- _Problem to work on_:
The answer must consist of every line in the data below that holds the word "path".

Stored data entries

►

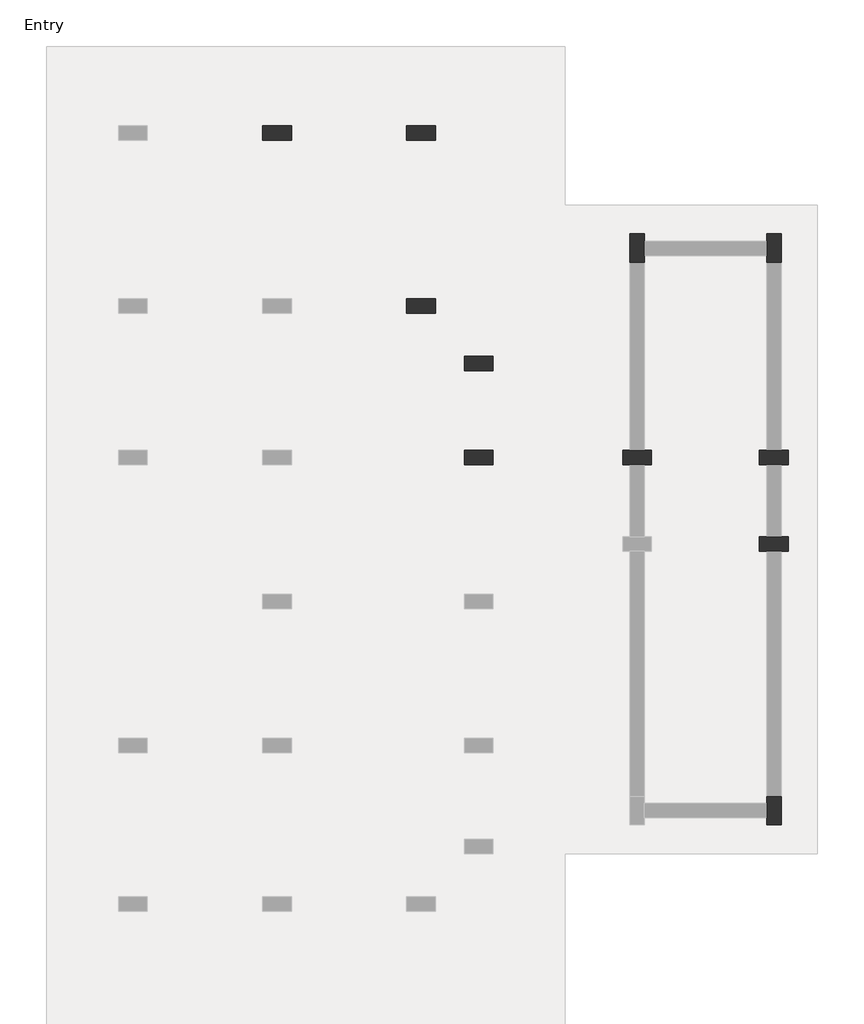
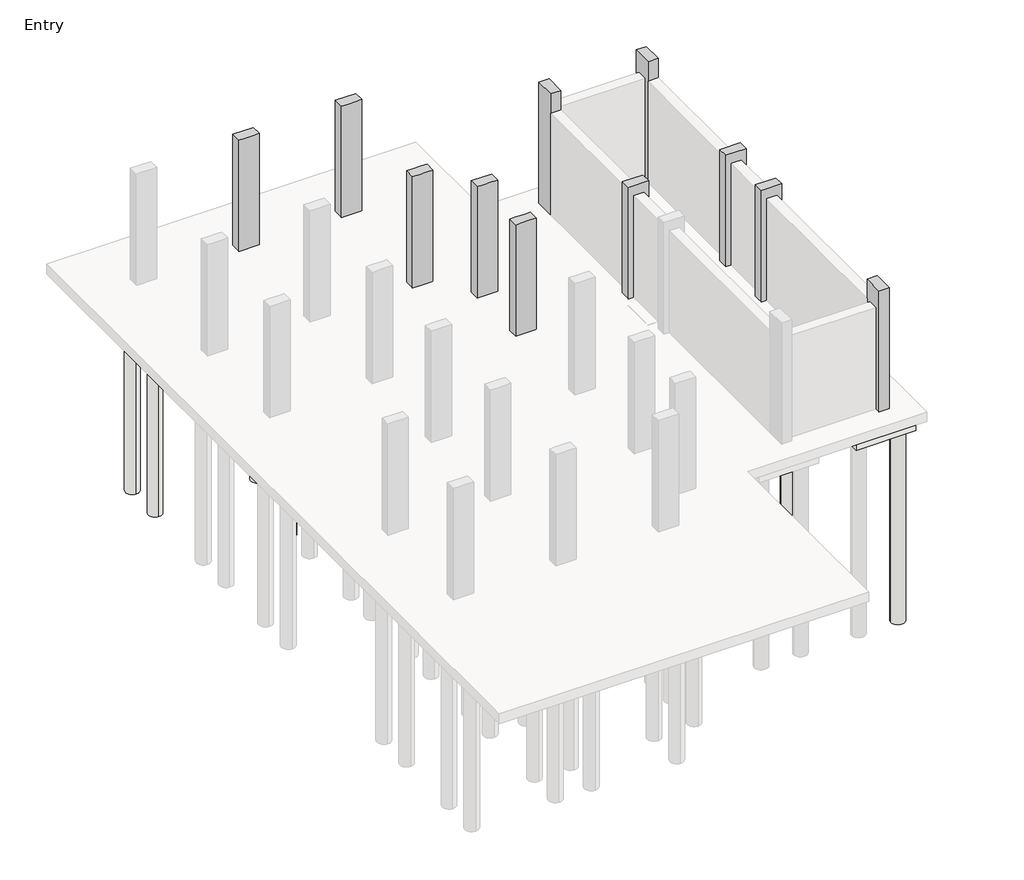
# One storey, part 3 of 3: 35 slabs, 11 columns.
"""IFC4 building model written with IfcOpenShell, lengths in millimetres."""

import ifcopenshell
import ifcopenshell.guid

model = None  # the IFC model being written
_history = None  # IfcOwnerHistory: only IFC2X3 demands one
_inside = {}  # id of a spatial element -> (the spatial element, [elements in it])
_under = {}  # id of a project, library or spatial element -> (it, [spatial elements below it])
_declared = {}  # id of a project -> (the project, [libraries it declares])
_typed = {}  # id of a type object -> (the type object, [elements of that type])
_made_of = {}  # id of a material, layer set ... -> (it, [elements and type objects made of it])


def new_model(schema):
    """Start an empty IFC model of exactly this schema.

    Asked for "IFC4X3", IfcOpenShell would pick the latest addendum, in which some entities
    have other attributes; the version numbers below select the first issue.
    IFC2X3 requires an IfcOwnerHistory on every rooted entity: one is made here for all.
    """
    global model, _history
    if schema == "IFC4X3":
        model = ifcopenshell.file(schema_version=(4, 3, 0, 0))
    else:
        model = ifcopenshell.file(schema=schema)
    _inside.clear()
    _under.clear()
    _declared.clear()
    _typed.clear()
    _made_of.clear()
    _history = None
    if model.schema == "IFC2X3":
        org = make("IfcOrganization", Name="unknown")
        user = make(
            "IfcPersonAndOrganization",
            ThePerson=make("IfcPerson", FamilyName="unknown"),
            TheOrganization=org,
        )
        app = make(
            "IfcApplication",
            ApplicationDeveloper=org,
            Version="unknown",
            ApplicationFullName="unknown",
            ApplicationIdentifier="unknown",
        )
        _history = make(
            "IfcOwnerHistory",
            OwningUser=user,
            OwningApplication=app,
            ChangeAction="ADDED",
            CreationDate=0,
        )
    return model


def make(cls, **values):
    """One entity of the class cls with the attributes given. An attribute that is None is left unset."""
    return model.create_entity(
        cls, **{name: value for name, value in values.items() if value is not None}
    )


def rooted(cls, **values):
    """An entity with a GlobalId (a new one), such as an element, a storey or a relation."""
    return make(cls, GlobalId=ifcopenshell.guid.new(), OwnerHistory=_history, **values)


def si_unit(unit_type, name, prefix=None):
    """IfcSIUnit, for example si_unit("LENGTHUNIT", "METRE", prefix="MILLI")."""
    return make("IfcSIUnit", UnitType=unit_type, Prefix=prefix, Name=name)


def assignment(units):
    """IfcUnitAssignment: the units of a project."""
    return None if units is None else make("IfcUnitAssignment", Units=units)


def point(xyz):
    """IfcCartesianPoint."""
    return None if xyz is None else make("IfcCartesianPoint", Coordinates=xyz)


def direction(xyz):
    """IfcDirection."""
    return None if xyz is None else make("IfcDirection", DirectionRatios=xyz)


def frame(location, z_axis=None, x_axis=None):
    """IfcAxis2Placement3D, a coordinate frame: its origin and axes. An axis left out is left unset."""
    return make(
        "IfcAxis2Placement3D",
        Location=point(location),
        Axis=direction(z_axis),
        RefDirection=direction(x_axis),
    )


def frame_2d(location, x_axis=None):
    """IfcAxis2Placement2D, a coordinate frame in the plane: its origin and x axis."""
    return make(
        "IfcAxis2Placement2D", Location=point(location), RefDirection=direction(x_axis)
    )


def origin():
    """The frame at (0, 0, 0) with its axes left unset."""
    return frame((0.0, 0.0, 0.0))


def place(relative_to, where):
    """IfcLocalPlacement: puts the frame where relative to a parent placement (None: the world)."""
    return make(
        "IfcLocalPlacement", PlacementRelTo=relative_to, RelativePlacement=where
    )


def context(
    kind, dimensions, precision=None, world=None, true_north=None, identifier=None
):
    """IfcGeometricRepresentationContext, for example the 3D "Model" context."""
    return make(
        "IfcGeometricRepresentationContext",
        ContextIdentifier=identifier,
        ContextType=kind,
        CoordinateSpaceDimension=dimensions,
        Precision=precision,
        WorldCoordinateSystem=world,
        TrueNorth=true_north,
    )


def project(units=None, contexts=None):
    """IfcProject with its units and contexts."""
    return rooted(
        "IfcProject",
        Name="project",
        RepresentationContexts=contexts,
        UnitsInContext=assignment(units),
    )


def spatial(cls, under=None, at=None, **own):
    """A site, building, storey or space (cls), placed at a placement, below another one or the project."""
    s = rooted(cls, ObjectPlacement=at, **own)
    if under is not None:
        _under.setdefault(under.id(), (under, []))[1].append(s)
    return s


def polyline(points):
    """IfcPolyline through the points."""
    return make("IfcPolyline", Points=[point(p) for p in points])


def circle_curve(where, radius):
    """IfcCircle in the frame where."""
    return make("IfcCircle", Position=where, Radius=radius)


def trimmed(basis, trim1, trim2, sense, master):
    """IfcTrimmedCurve: the piece of a basis curve between two trims."""
    return make(
        "IfcTrimmedCurve",
        BasisCurve=basis,
        Trim1=trim1,
        Trim2=trim2,
        SenseAgreement=sense,
        MasterRepresentation=master,
    )


def segment(curve, same_sense, transition):
    """IfcCompositeCurveSegment."""
    return make(
        "IfcCompositeCurveSegment",
        Transition=transition,
        SameSense=same_sense,
        ParentCurve=curve,
    )


def composite_curve(segments, self_intersect=None):
    """IfcCompositeCurve: segments joined end to end."""
    return make("IfcCompositeCurve", Segments=segments, SelfIntersect=self_intersect)


def outline(outer, holes=None, kind="AREA"):
    """IfcArbitraryClosedProfileDef: a profile drawn as a closed curve; with holes, ...WithVoids."""
    if holes is None:
        return make("IfcArbitraryClosedProfileDef", ProfileType=kind, OuterCurve=outer)
    return make(
        "IfcArbitraryProfileDefWithVoids",
        ProfileType=kind,
        OuterCurve=outer,
        InnerCurves=holes,
    )


def extrude(swept, where, along, depth):
    """IfcExtrudedAreaSolid: the profile swept, set in the frame where, extruded along a direction by depth."""
    return make(
        "IfcExtrudedAreaSolid",
        SweptArea=swept,
        Position=where,
        ExtrudedDirection=direction(along),
        Depth=depth,
    )


def faces_of(points, faces, orient=None, outer=None):
    """IfcFace entities. A face is a list of loops; a loop is a list of indices into points, from 0.

    orient and outer hold one flag for each loop. By default every Orientation is true, the
    first loop of a face is its IfcFaceOuterBound and the others are IfcFaceBound.
    """
    made = []
    for i, loops in enumerate(faces):
        bounds = []
        for j, loop in enumerate(loops):
            is_outer = j == 0 if outer is None else outer[i][j]
            bounds.append(
                make(
                    "IfcFaceOuterBound" if is_outer else "IfcFaceBound",
                    Bound=make("IfcPolyLoop", Polygon=[points[k] for k in loop]),
                    Orientation=True if orient is None else orient[i][j],
                )
            )
        made.append(make("IfcFace", Bounds=bounds))
    return made


def faceted_brep(points, faces, orient=None, outer=None, voids=None):
    """IfcFacetedBrep: a solid bounded by flat faces; with voids (closed shells), ...WithVoids."""
    shared = [point(p) for p in points]
    hull = make("IfcClosedShell", CfsFaces=faces_of(shared, faces, orient, outer))
    if voids is None:
        return make("IfcFacetedBrep", Outer=hull)
    return make(
        "IfcFacetedBrepWithVoids",
        Outer=hull,
        Voids=[
            make(cls, CfsFaces=faces_of(shared, fs, o, b)) for cls, fs, o, b in voids
        ],
    )


def shape(context_of_items, identifier, shape_type, items):
    """IfcShapeRepresentation: the items that make up one representation, for example the "Body"."""
    return make(
        "IfcShapeRepresentation",
        ContextOfItems=context_of_items,
        RepresentationIdentifier=identifier,
        RepresentationType=shape_type,
        Items=items,
    )


def made_of(thing, what):
    """Note that an element or type object is made of a material, layer set ...; save() writes the relation."""
    if what is not None:
        _made_of.setdefault(what.id(), (what, []))[1].append(thing)
    return thing


def element(
    cls,
    number,
    at=None,
    inside=None,
    cuts=None,
    type_object=None,
    material=None,
    context=None,
    identifier="Body",
    shape_type=None,
    held_by="IfcProductDefinitionShape",
    body=None,
    shapes=None,
    **own,
):
    """One element of the class cls, such as IfcWall. Its Tag is "e" and its number.

    at: its placement. inside: the storey or other place that contains it. cuts: it is an
    opening in that element (IfcRelVoidsElement). A single representation is given by context,
    identifier, shape_type and body (its items); several are given by shapes. held_by: the class
    of the entity that holds the representations. save() writes the other relations.
    """
    e = rooted(cls, Tag="e%d" % number, ObjectPlacement=at, **own)
    if body is not None:
        shapes = [shape(context, identifier, shape_type, body)]
    if shapes is not None:
        e.Representation = make(held_by, Representations=shapes)
    if inside is not None:
        _inside.setdefault(inside.id(), (inside, []))[1].append(e)
    if cuts is not None:
        rooted(
            "IfcRelVoidsElement", RelatingBuildingElement=cuts, RelatedOpeningElement=e
        )
    if type_object is not None:
        _typed.setdefault(type_object.id(), (type_object, []))[1].append(e)
    return made_of(e, material)


def aggregate(whole, parts):
    """IfcRelAggregates: a whole, such as a stair, and the parts it consists of."""
    return rooted("IfcRelAggregates", RelatingObject=whole, RelatedObjects=parts)


def save(model, path):
    """Write the relations noted so far, then the file.

    IfcRelAggregates (storeys below a building ...), IfcRelContainedInSpatialStructure (elements
    in a storey), IfcRelDefinesByType, IfcRelAssociatesMaterial and IfcRelDeclares: one each for
    every whole, place, type object, material and project.
    """
    for whole, parts in _under.values():
        aggregate(whole, parts)
    for where, things in _inside.values():
        rooted(
            "IfcRelContainedInSpatialStructure",
            RelatedElements=things,
            RelatingStructure=where,
        )
    for kind, things in _typed.values():
        rooted("IfcRelDefinesByType", RelatedObjects=things, RelatingType=kind)
    for what, things in _made_of.values():
        rooted("IfcRelAssociatesMaterial", RelatedObjects=things, RelatingMaterial=what)
    for by, libraries in _declared.values():
        rooted("IfcRelDeclares", RelatingContext=by, RelatedDefinitions=libraries)
    model.write(path)


model = new_model("IFC4")

# Units and contexts
model_context = context("Model", 3, world=origin())
ifc_project = project(units=[si_unit("LENGTHUNIT", "METRE", prefix="MILLI")], contexts=[model_context])

# Site, building, storey
site = spatial("IfcSite", under=ifc_project)
building = spatial("IfcBuilding", under=site)
storey = spatial("IfcBuildingStorey", under=building, Name="Entry", Elevation=0.0)

# Columns
placement = place(None, origin())
element("IfcColumn", 1, ObjectType="Concrete-Rectangular-Column : 12 x 24", at=placement, inside=storey, context=model_context, shape_type="Brep", body=[
    faceted_brep([(-10423.1073204, 23769.0572372, 0.0), (-9813.5073204, 23769.0572372, 0.0), (-9813.5073204, 23464.2572372, 0.0), (-10423.1073204, 23464.2572372, 0.0), (-10423.1073204, 23769.0572372, 3505.2), (-9813.5073204, 23769.0572372, 3505.2), (-9813.5073204, 23769.0572372, 2895.6), (-10423.1073204, 23769.0572372, 2895.6), (-9813.5073204, 23464.2572372, 3505.2), (-9813.5073204, 23464.2572372, 2895.6), (-9965.9073204, 23464.2572372, 3505.2), (-10270.7073204, 23464.2572372, 3505.2), (-10423.1073204, 23464.2572372, 3505.2), (-10423.1073204, 23464.2572372, 2895.6)], [[[0, 1, 2, 3]], [[4, 5, 6, 1, 0, 7]], [[5, 8, 9, 2, 1, 6]], [[8, 10, 11, 12, 13, 3, 2, 9]], [[12, 4, 7, 0, 3, 13]], [[4, 12, 11, 10, 8, 5]]]),
])
element("IfcColumn", 2, ObjectType="Concrete-Rectangular-Column : 12 x 24", at=placement, inside=storey, context=model_context, shape_type="Brep", body=[
    faceted_brep([(-7375.1073204, 23769.0572372, 0.0), (-6765.5073204, 23769.0572372, 0.0), (-6765.5073204, 23464.2572372, 0.0), (-7375.1073204, 23464.2572372, 0.0), (-7375.1073204, 23769.0572372, 3505.2), (-6765.5073204, 23769.0572372, 3505.2), (-7375.1073204, 23769.0572372, 2895.6), (-6765.5073204, 23464.2572372, 3505.2), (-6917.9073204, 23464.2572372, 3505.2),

◄

- _Solution to this task_:
def save(model, path):
    model.write(path)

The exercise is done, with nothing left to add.